In 1976, Ivana was in NYC for a fashion show and went with friends to Maxwell’s Plum, an Upper East Side pickup spot for real-life Mr. Bigs and the women who loved them. While waiting for a table, she felt a tap on her shoulder.
“[There’s] this tall blond guy with blue eyes. He said, ‘I’m Donald Trump and I see you’re looking for a table. I can help you.’ I look at my friends and said, ‘The good news is, we’re going to get a table real fast. The bad news is, this guy is going to be sitting with us.’ ”
After the meal, Donald paid the bill on the sly and disappeared.
“I said, ‘There’s something strange because I’ve never met a man who didn’t want anything from a woman and paid for it,’ ” Ivana says with a laugh.
When she walked outside, there was Donald, in the driver’s seat of his own limousine. “He drove us home and then we started to date,” she says.
Donald took Ivana to Aspen, Colo., not knowing her Olympian status. She feigned altitude sickness while Donald, a ski novice, took a lesson.
“Sure enough, 10 minutes later I was on the mountains and looking at him doing full turns, and it was not fun,” says Ivana.
“The second day, he was getting good. So he said, ‘Ivana, let’s go ski.’ I asked the instructor to put the ski boots on me like a beginner. Donald was like, ‘OK, darling, you can do it!’ I took off and he got so angry. He said, ‘I will never [ski] again for anybody! Even Ivana!’ So I play for his ego.”
After less than a year, the two married, in 1977, and went on to have three children together: Donald Jr., now 38, Ivanka, 34, and Eric, 32.
“I don’t think he’s feminist,” Ivana when asked of Donald’s stance. “He loves women.
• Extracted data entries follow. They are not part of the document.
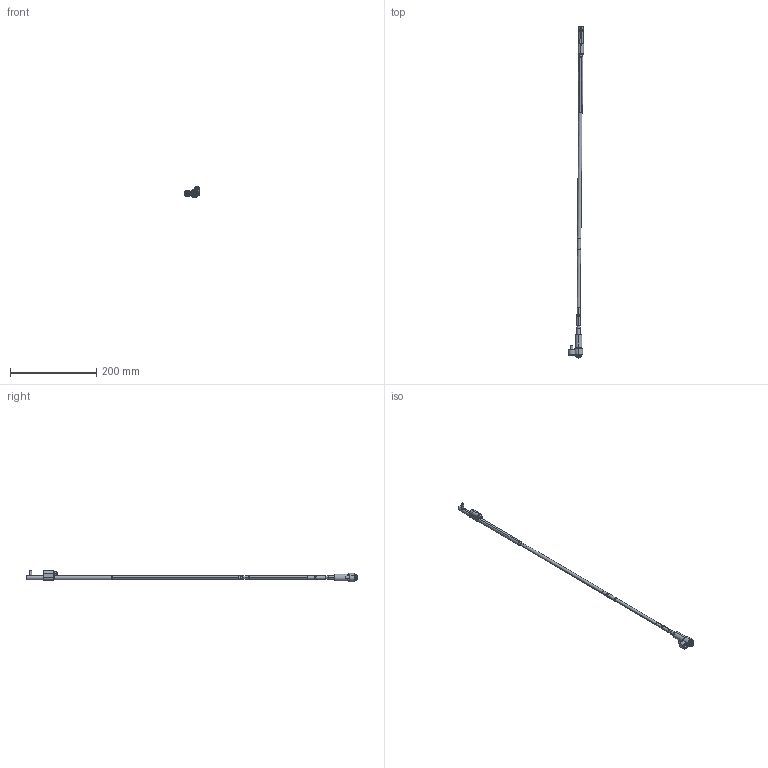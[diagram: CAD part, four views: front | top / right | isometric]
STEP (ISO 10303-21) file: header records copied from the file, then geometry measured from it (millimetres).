
FILE_DESCRIPTION (( 'STEP AP214' ), '1' );
FILE_NAME ('WL080125-EJE 0,5°.STEP', '2021-03-19T15:28:29', ( '' ), ( '' ), 'SwSTEP 2.0', 'SolidWorks 2019', '' );
FILE_SCHEMA (( 'AUTOMOTIVE_DESIGN' ));
Length unit declared in the file: millimetre
Products named in the file (17): 1DIN912616_DIN 912 M6 x 16 --- 16C; Web-WL08-A2; WL080100-D; WL080100-E; WL080100-B_WL0800FF; 9DR2206-TOR; WL080125-EJE 0,5°; Web-WP08-1; Web-WL08XX-A7_ON-WL080125-0,5; Web-WL08-A3; Web-WL08-F01; 1DIN912545_DIN 912 M5 x 50 --- 50C; Web-WL08-A1; WL080100-B1_WL0800FF-1; Web-WL08-F00.SLDPRT; 3IMAN4X2-150_con sello; WL080100-C
Assembly tree (16 placements, depth 3):
  WL080125-EJE 0,5°
    Web-WP08-1
    Web-WL08XX-A7_ON-WL080125-0,5
    Web-WL08-A3
    Web-WL08-A2
    Web-WL08-A1
    WL080100-D
    WL080100-C
    WL080100-B_WL0800FF
      WL080100-B1_WL0800FF-1
      3IMAN4X2-150_con sello
    WL080100-E
    9DR2206-TOR
    Web-WL08-F00.SLDPRT
      Web-WL08-F01
      1DIN912545_DIN 912 M5 x 50 --- 50C
      1DIN912616_DIN 912 M6 x 16 --- 16C
Bounding box: 35.76 x 772.01 x 26.9 mm (x, y, z)
Volume: 58701.5 mm3; surface area: 34415.9 mm2
Topology: 15 solids, 15 shells, 424 faces, 888 edges, 516 vertices
Faces by surface type: plane 132, cylinder 128, cone 116, torus 48
Entity records: 13492 total; most frequent: DIRECTION 2218, CARTESIAN_POINT 2045, ORIENTED_EDGE 1756, AXIS2_PLACEMENT_3D 921, EDGE_CURVE 878, VERTEX_POINT 516, CIRCLE 476, EDGE_LOOP 468
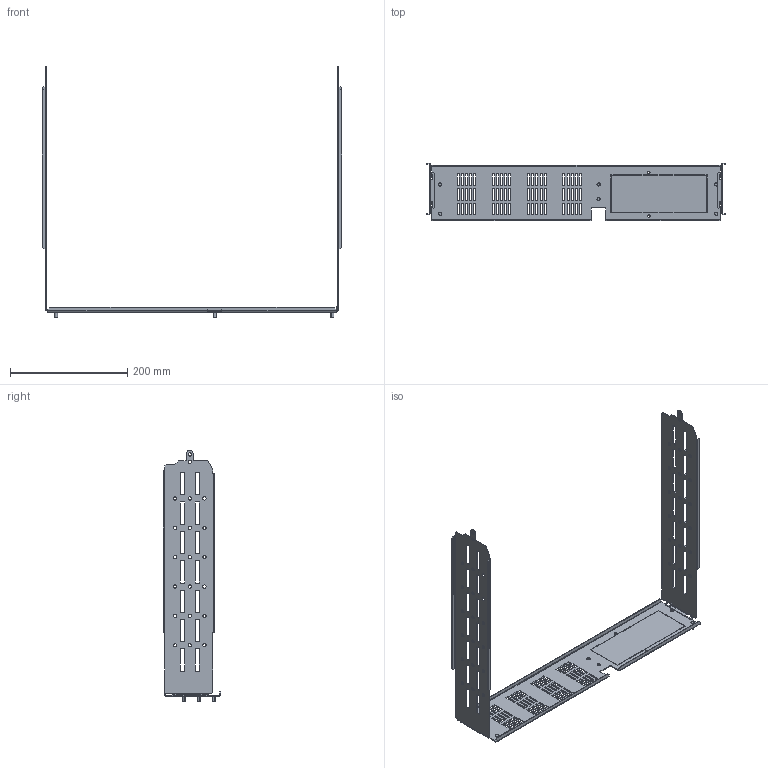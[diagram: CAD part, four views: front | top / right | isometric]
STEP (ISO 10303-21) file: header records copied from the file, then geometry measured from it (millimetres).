
FILE_DESCRIPTION(('CAx-IF Rec.Pracs.---Model Styling and Organization---1.2---2011-12-15','CAx-IF Rec.Pracs.---Geometric and Assembly Validation Properties---4.1---2014-06-16','CAx-IF Rec.Pracs.---PMI Polyline Presentation---2.0---2013-05-24'),'2;1');
FILE_NAME('R5M2WPV2M.stp','2021-05-05T13:01:30+03:00',(''),(''),'STEP Interface 4.4 by CT CoreTechnologie','3D_Evolution4.4 by CT CoreTechnologie','');
FILE_SCHEMA(('AUTOMOTIVE_DESIGN { 1 0 10303 214 1 1 1 1 }'));
Length unit declared in the file: millimetre
Products named in the file (5): R5M2WPV2M; RB.1600.00.00.0_-00; RB.1285.00.00.0_-18; RB.1285.00.00.0_-19; M5x8-DIN7500C_stright
Assembly tree (9 placements, depth 2):
  R5M2WPV2M
    RB.1600.00.00.0_-00
    RB.1285.00.00.0_-18
    RB.1285.00.00.0_-19
    M5x8-DIN7500C_stright  x6
Bounding box: 510 x 97.5 x 429.1 mm (x, y, z)
Surface area: 239629.7 mm2 (no closed solid volume)
Topology: 0 solids, 11 shells, 698 faces, 2048 edges, 1364 vertices
Faces by surface type: plane 556, cylinder 142
Entity records: 23430 total; most frequent: CARTESIAN_POINT 4050, ORIENTED_EDGE 4036, DIRECTION 3662, EDGE_CURVE 2018, VECTOR 1750, LINE 1750, VERTEX_POINT 1344, EDGE_LOOP 974
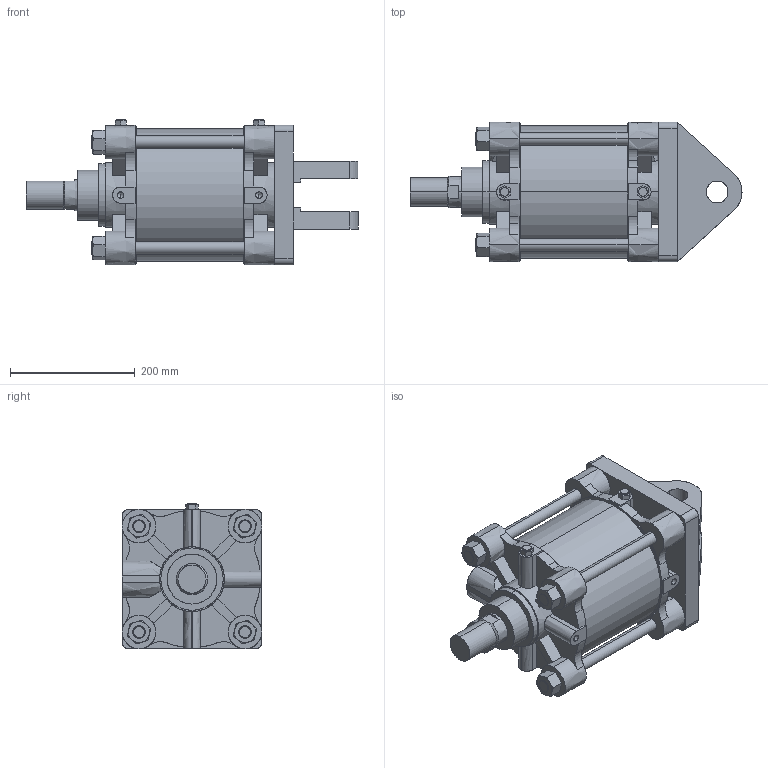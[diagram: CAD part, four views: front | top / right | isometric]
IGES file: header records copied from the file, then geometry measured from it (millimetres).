
Start section: SolidWorks IGES file using analytic representation for surfaces
Global section: file name: C:\Users\Toshiba\Desktop\A##2-200#-100-W.IGS; native system: SolidWorks 2014; preprocessor: SolidWorks 2014; author: Toshiba; date: 160331.150146; units: millimetre
Bounding box: 533 x 224 x 234 mm (x, y, z)
Surface area: 854667.1 mm2 (no closed solid volume)
Topology: 0 solids, 0 shells, 363 faces, 7144 edges, 7132 vertices
Faces by surface type: bspline 211, revolution 152

But not a feminist.” It was that love of women that led to the couple’s divorce. Ivana discovered that her husband was cheating on her with former beauty queen Marla Maples. As Ivana told Barbara Walters in a 1991 “20/20” interview, Maples stopped her at a restaurant in Aspen and told her, “I’m Marla and I love your husband. Do you?”
Ivana filed for divorce, claiming in her deposition that Donald raped her after he used her plastic surgeon for a scalp-reduction surgery to remove a bald spot. “Your f – – king doctor has ruined me!” Trump cried, according to the 1993 book “Lost Tycoon: The Many Lives of Donald J. Trump,” before forcing himself on her sexually.
Once the book was out, Ivana softened her remarks in a statement: “As a woman, I felt violated, as the love and tenderness, which he normally exhibited toward me, was absent. I referred to this as a ‘rape,’ but I do not want my words to be interpreted in a literal or criminal sense.”
While her ex’s campaign has thrust the family into the solar core of the public spotlight, she says the kids and she — and certainly Donald — are used to the heat. Plus, there are surprise benefits, like Donald’s recent weight loss, aided by his germophobia.
“He loves to eat. I told him, ‘Donald, you lost weight!’ because I can tell if he’s 225 or 215,” says Ivana. “And he said, ‘I don’t have time to eat! I shake so many hands!’ ”
Speaking of hands — and other body parts — Ivana says Donald does just fine in that department.
“If there was a problem there, Donald would not have five kids.”
This story first appeared in the New York Post.